*** Block opens ***

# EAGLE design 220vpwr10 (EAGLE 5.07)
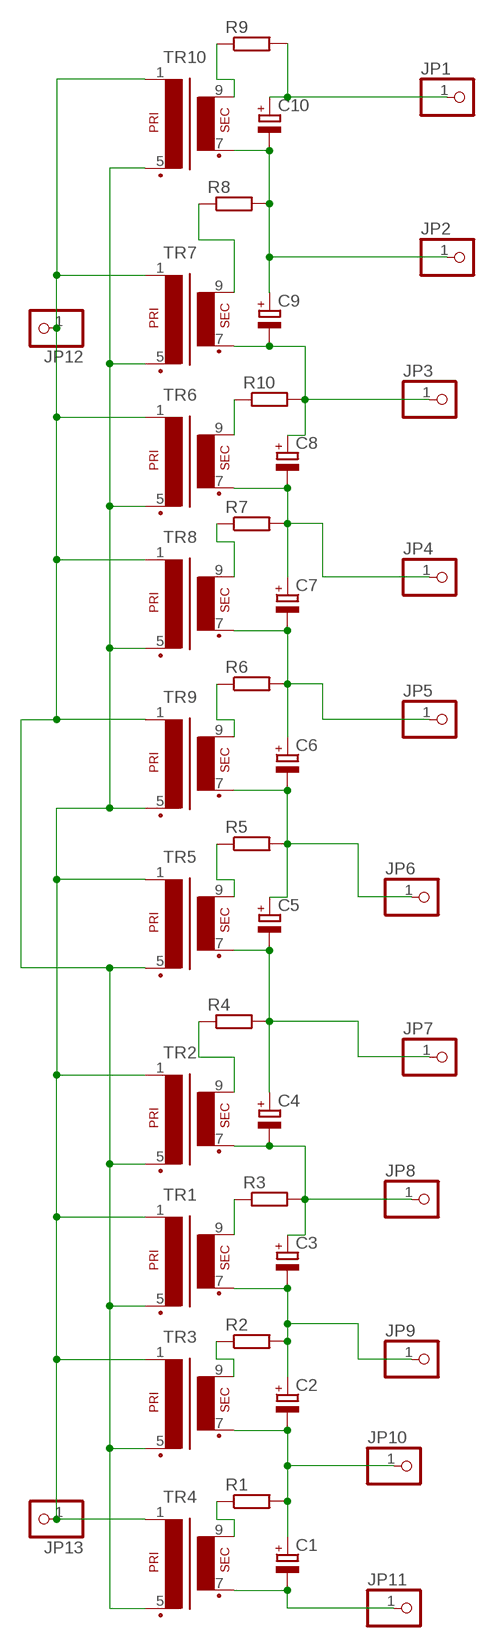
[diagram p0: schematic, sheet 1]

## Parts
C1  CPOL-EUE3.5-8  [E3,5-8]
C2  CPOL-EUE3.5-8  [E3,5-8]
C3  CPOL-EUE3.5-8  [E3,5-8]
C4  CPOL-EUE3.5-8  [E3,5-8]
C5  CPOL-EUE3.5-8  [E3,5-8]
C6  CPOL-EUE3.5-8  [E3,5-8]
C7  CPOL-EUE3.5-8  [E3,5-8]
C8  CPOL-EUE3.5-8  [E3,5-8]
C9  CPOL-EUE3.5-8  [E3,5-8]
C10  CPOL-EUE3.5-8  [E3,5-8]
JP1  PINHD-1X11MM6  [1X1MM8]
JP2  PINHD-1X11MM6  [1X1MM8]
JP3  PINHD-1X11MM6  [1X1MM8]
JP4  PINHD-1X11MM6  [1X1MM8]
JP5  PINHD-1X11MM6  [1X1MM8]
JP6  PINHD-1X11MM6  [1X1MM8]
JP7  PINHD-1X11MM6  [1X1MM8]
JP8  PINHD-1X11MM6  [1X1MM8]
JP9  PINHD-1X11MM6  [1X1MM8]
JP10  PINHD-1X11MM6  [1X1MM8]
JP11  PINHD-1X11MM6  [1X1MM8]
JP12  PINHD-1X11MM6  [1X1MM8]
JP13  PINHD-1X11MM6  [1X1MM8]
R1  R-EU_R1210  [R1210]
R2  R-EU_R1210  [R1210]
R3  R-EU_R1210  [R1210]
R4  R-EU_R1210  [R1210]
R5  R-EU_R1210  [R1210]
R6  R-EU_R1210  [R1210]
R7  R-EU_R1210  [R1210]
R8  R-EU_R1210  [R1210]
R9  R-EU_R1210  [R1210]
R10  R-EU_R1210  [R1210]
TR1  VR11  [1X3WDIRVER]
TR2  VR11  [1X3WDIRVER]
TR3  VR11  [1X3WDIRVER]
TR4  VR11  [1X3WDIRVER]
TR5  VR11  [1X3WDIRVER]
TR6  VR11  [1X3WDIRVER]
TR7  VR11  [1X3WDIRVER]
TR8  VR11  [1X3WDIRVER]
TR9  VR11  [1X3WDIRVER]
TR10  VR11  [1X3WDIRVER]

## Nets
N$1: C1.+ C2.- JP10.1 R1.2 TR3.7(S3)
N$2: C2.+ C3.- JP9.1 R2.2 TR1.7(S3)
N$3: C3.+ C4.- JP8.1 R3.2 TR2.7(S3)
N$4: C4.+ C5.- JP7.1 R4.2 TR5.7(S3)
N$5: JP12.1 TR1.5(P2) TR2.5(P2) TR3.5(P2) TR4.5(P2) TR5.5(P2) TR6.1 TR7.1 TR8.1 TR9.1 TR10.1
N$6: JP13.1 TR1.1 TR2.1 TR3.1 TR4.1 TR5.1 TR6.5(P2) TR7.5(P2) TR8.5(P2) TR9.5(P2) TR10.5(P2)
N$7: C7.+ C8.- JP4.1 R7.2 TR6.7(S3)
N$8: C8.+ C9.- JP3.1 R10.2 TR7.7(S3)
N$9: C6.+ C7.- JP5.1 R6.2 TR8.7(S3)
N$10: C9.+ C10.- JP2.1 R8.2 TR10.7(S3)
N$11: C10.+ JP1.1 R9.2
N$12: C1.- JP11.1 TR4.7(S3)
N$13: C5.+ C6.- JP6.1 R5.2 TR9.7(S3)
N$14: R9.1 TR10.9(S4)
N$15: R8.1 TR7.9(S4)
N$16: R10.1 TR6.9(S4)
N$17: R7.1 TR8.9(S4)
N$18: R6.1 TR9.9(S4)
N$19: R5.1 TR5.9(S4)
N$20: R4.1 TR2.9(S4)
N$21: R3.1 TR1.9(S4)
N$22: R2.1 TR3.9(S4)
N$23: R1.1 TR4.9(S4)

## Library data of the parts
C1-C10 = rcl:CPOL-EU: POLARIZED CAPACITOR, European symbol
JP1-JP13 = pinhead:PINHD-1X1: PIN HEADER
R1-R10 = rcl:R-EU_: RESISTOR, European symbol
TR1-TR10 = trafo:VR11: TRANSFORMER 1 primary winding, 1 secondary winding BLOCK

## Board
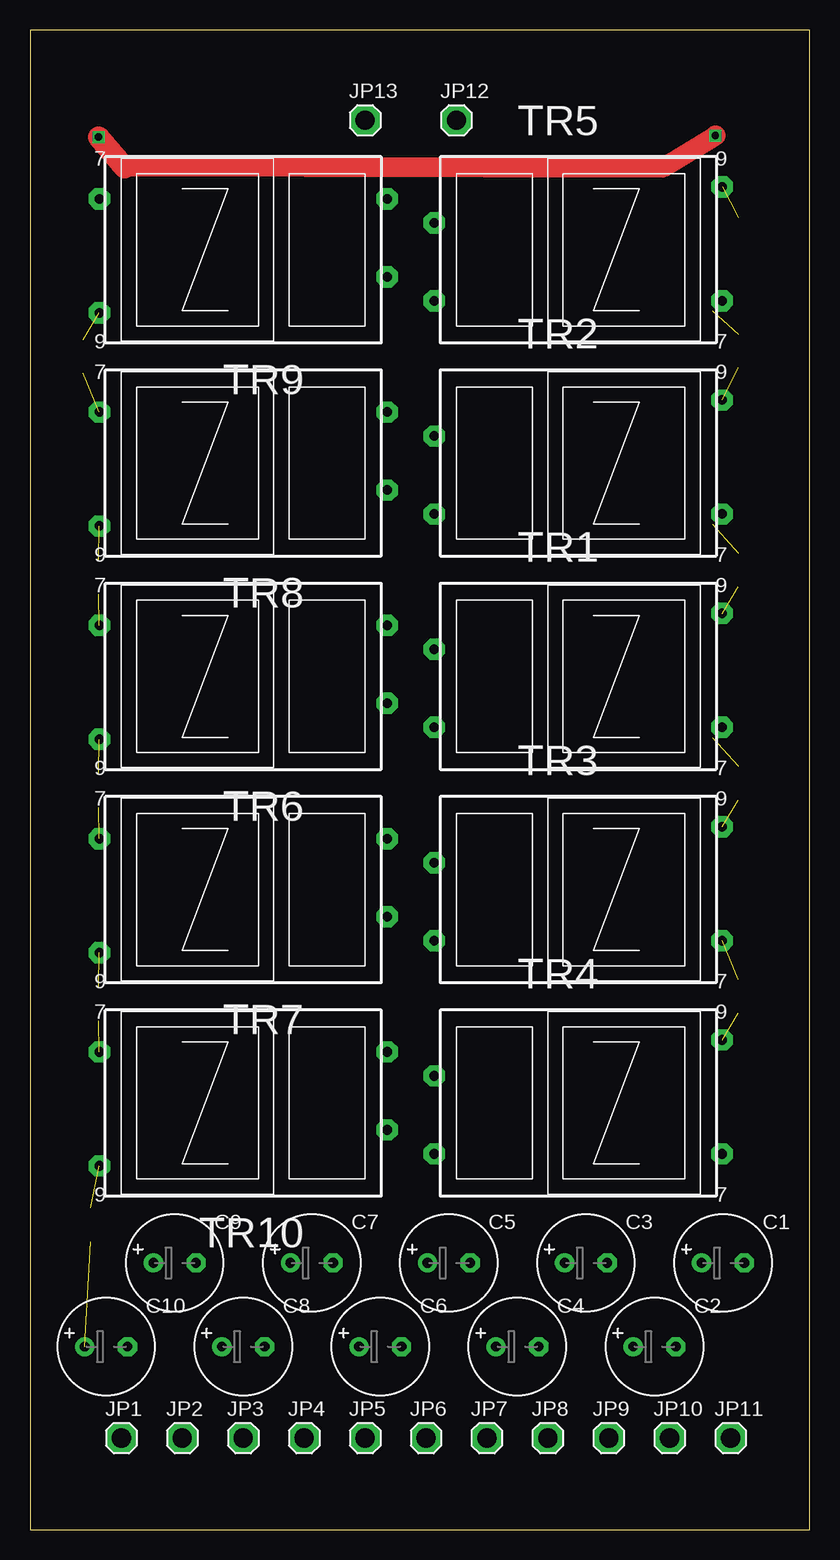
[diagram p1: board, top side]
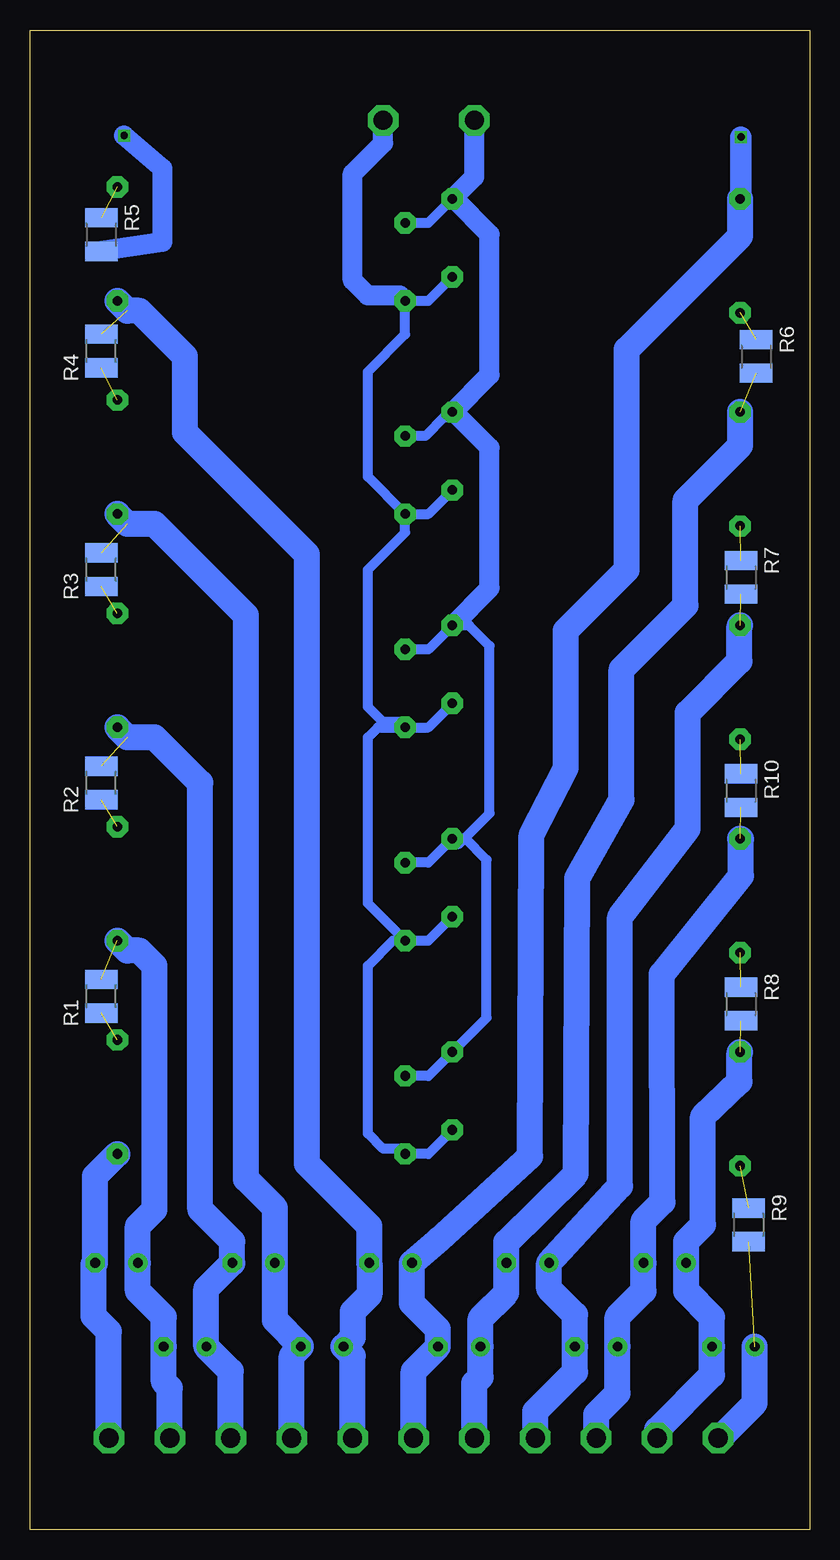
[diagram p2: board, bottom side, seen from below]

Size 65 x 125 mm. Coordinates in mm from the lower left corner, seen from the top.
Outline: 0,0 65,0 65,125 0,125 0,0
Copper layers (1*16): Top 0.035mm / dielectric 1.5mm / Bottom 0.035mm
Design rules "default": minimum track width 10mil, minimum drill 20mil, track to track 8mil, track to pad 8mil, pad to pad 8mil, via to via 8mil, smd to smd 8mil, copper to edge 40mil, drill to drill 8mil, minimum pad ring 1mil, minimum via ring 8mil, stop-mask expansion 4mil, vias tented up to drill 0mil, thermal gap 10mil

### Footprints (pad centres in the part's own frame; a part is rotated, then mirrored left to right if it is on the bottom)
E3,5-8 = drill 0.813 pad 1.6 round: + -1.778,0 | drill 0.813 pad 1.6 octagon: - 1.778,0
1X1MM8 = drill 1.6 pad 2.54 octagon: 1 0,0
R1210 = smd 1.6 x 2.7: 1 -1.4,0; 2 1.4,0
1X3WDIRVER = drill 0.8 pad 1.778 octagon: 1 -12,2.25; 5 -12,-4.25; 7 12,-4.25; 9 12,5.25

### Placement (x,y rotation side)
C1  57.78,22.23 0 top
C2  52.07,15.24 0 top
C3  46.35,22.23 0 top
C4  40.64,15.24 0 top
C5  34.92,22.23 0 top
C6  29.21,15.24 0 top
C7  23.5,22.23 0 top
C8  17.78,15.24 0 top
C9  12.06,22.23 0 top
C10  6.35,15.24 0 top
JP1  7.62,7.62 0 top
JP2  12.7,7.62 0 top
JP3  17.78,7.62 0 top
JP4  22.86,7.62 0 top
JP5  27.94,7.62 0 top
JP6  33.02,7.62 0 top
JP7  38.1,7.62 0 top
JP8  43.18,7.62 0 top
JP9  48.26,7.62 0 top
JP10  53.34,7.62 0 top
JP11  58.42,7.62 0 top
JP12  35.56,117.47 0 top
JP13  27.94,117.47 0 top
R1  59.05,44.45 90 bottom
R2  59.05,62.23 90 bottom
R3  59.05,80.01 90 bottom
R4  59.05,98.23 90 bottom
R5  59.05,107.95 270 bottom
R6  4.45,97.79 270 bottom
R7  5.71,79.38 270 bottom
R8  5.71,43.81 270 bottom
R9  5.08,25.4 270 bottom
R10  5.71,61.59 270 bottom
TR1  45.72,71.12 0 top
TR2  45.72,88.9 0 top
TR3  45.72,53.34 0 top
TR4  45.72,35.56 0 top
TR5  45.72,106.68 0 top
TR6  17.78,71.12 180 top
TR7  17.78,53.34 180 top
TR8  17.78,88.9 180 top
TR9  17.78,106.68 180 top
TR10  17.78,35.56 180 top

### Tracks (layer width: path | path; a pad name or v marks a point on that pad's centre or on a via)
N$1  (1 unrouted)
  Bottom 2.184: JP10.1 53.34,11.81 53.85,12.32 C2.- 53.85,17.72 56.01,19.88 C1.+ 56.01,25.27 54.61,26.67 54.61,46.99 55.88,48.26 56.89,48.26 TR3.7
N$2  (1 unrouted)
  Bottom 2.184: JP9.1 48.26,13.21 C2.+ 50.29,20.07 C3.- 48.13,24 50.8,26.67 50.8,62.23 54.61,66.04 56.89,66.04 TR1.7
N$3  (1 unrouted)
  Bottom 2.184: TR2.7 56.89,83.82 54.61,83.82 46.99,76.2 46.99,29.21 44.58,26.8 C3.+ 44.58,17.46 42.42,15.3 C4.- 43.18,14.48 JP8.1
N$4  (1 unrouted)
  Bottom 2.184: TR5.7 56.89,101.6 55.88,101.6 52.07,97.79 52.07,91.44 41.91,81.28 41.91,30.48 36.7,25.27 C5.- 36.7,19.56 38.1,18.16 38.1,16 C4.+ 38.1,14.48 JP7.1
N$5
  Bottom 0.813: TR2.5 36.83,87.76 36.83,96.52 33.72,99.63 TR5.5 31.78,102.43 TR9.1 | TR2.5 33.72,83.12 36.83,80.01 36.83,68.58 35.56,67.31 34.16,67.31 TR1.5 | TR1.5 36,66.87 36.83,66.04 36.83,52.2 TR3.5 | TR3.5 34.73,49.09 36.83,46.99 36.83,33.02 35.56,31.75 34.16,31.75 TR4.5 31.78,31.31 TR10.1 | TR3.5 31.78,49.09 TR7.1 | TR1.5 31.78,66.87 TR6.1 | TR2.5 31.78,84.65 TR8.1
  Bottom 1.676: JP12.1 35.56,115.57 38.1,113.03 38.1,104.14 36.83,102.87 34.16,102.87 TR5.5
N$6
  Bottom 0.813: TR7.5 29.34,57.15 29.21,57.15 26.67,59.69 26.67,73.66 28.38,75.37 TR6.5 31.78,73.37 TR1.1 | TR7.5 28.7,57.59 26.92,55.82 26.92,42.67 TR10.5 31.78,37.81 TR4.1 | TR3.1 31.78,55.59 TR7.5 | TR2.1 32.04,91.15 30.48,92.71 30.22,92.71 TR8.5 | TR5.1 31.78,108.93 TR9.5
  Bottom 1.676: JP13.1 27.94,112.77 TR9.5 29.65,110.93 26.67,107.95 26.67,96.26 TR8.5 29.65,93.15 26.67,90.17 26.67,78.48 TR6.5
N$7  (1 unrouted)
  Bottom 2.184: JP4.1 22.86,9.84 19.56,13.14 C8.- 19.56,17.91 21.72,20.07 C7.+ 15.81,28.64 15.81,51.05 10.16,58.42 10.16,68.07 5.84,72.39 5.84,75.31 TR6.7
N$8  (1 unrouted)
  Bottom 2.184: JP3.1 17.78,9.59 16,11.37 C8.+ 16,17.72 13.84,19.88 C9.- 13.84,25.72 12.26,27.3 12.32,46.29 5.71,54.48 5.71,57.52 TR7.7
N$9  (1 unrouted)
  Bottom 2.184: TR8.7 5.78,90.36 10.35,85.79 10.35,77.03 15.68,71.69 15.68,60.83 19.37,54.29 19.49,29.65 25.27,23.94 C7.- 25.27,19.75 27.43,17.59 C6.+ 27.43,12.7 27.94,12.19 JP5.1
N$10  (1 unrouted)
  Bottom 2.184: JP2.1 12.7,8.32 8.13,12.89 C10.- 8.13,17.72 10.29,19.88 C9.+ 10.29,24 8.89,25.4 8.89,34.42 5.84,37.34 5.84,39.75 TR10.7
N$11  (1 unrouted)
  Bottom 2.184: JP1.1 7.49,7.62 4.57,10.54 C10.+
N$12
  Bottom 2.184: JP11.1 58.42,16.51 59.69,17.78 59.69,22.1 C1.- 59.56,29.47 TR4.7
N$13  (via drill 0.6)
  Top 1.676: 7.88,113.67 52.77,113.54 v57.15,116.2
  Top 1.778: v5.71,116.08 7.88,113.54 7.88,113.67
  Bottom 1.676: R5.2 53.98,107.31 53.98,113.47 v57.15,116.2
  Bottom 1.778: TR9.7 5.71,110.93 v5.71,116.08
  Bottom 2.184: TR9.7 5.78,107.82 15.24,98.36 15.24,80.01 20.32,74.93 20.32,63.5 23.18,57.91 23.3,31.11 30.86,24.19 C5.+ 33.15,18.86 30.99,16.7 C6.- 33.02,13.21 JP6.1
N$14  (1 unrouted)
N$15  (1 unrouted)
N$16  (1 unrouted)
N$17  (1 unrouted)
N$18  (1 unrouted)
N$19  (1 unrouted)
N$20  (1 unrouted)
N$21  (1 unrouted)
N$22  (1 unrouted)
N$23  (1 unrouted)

*** Block closes ***

### PROBLEM DETAILS
Using the material, show each line where the string "from" can be found.

### THE ANSWER
[diagram p2: board, bottom side, seen from below]
Size 65 x 125 mm. Coordinates in mm from the lower left corner, seen from the top.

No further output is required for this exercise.